It was three weeks of sitting in a room with other potential jurors, waiting to see if we'd be needed. Apparently while we were huddled upstairs, attorneys were down in the courtroom deciding whether or not to go to trial.

We couldn't watch TV or read newspapers, lest we be called to a case that was featured in the news. We had to wear huge, red badges that said JUROR at all times, so any lawyers gossiping in the rest rooms would clam up when then spotted us and we wouldn't hear anything we shouldn't. For entertainment, we had a stack of 10-year-old Reader's Digests, and an assortment of jigsaw puzzles.

During my last week, I was finally called downstairs for voir dire. I was excited, hoping it was a murder trial or some such, but it was a civil case - two accountants suing each other. One of the questions I was asked was "would you be able to pay attention during testimony consisting of long columns of numbers?" I honestly answered that I'd probably doze off, and was excused.

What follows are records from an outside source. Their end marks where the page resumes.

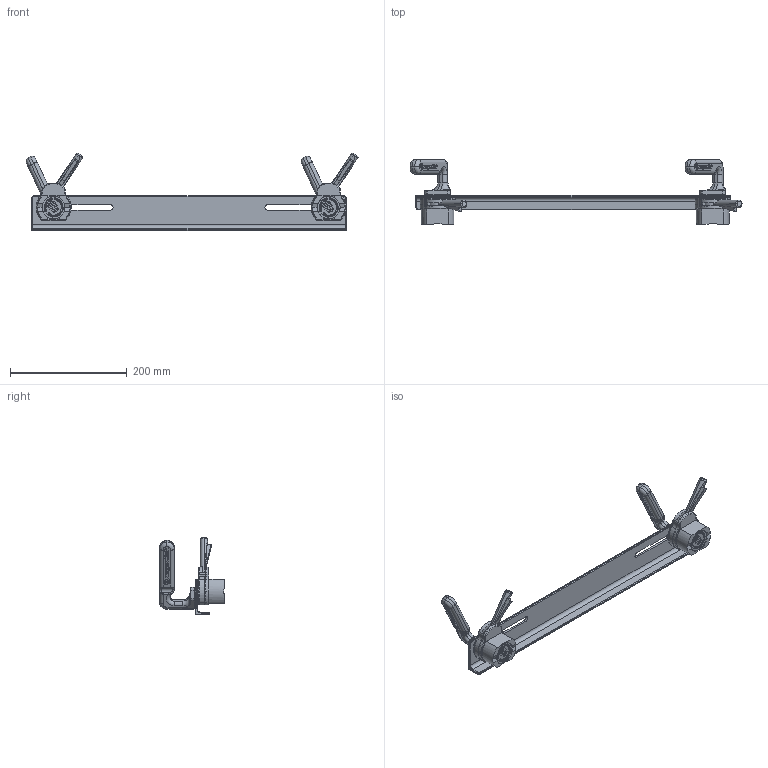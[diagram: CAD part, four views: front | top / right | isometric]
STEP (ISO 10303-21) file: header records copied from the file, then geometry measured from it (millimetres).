
FILE_DESCRIPTION (( 'STEP AP203' ), '1' );
FILE_NAME ('8000821_p.STEP', '2015-03-26T13:39:55', ( '' ), ( '' ), 'SwSTEP 2.0', 'SolidWorks 2013', '' );
FILE_SCHEMA (( 'CONFIG_CONTROL_DESIGN' ));
Length unit declared in the file: millimetre
Products named in the file (1): 8000821_p
Bounding box: 569.66 x 111.35 x 133.11 mm (x, y, z)
Surface area: 172625.1 mm2 (no closed solid volume)
Topology: 0 solids, 52 shells, 1061 faces, 5891 edges, 4691 vertices
Faces by surface type: plane 505, cylinder 231, bspline 191, torus 98, cone 36
Entity records: 74952 total; most frequent: CARTESIAN_POINT 33860, ORIENTED_EDGE 7850, DIRECTION 6978, EDGE_CURVE 5883, VERTEX_POINT 4691, VECTOR 3014, LINE 3014, AXIS2_PLACEMENT_3D 1982

$16 a day, plus 10 cents a mile commuting expense, and a new talent for assembling the outer frame of a jigsaw puzzle...that was my jury duty experience.
posted by Oriole Adams at 10:38 AM on July 4, 2002

i served jury duty at a trial that included among it's prospectice jurors. jacquiline onassis kennedy....she was very civic minded, albiet aloof (who can blame her on that one), and she read a book in that sweltering room in nyc, that we the jurors had to sit in.....once i was finally picked for duty....it was mildly interesting......i would do it again....but shudder at the thought of serving on a really long sequestered jury trial.
posted by billybob at 10:48 AM on July 4, 2002

I was on a case of armed robbery, which was perfect as it was interesting but not harrowing (he used a replica gun). He was pretty inept and didn't even bother covering his tracks - he kept the money he'd stolen loose on the floor in the front of his car and the clothes he'd worn and gun he'd used in his wardrobe.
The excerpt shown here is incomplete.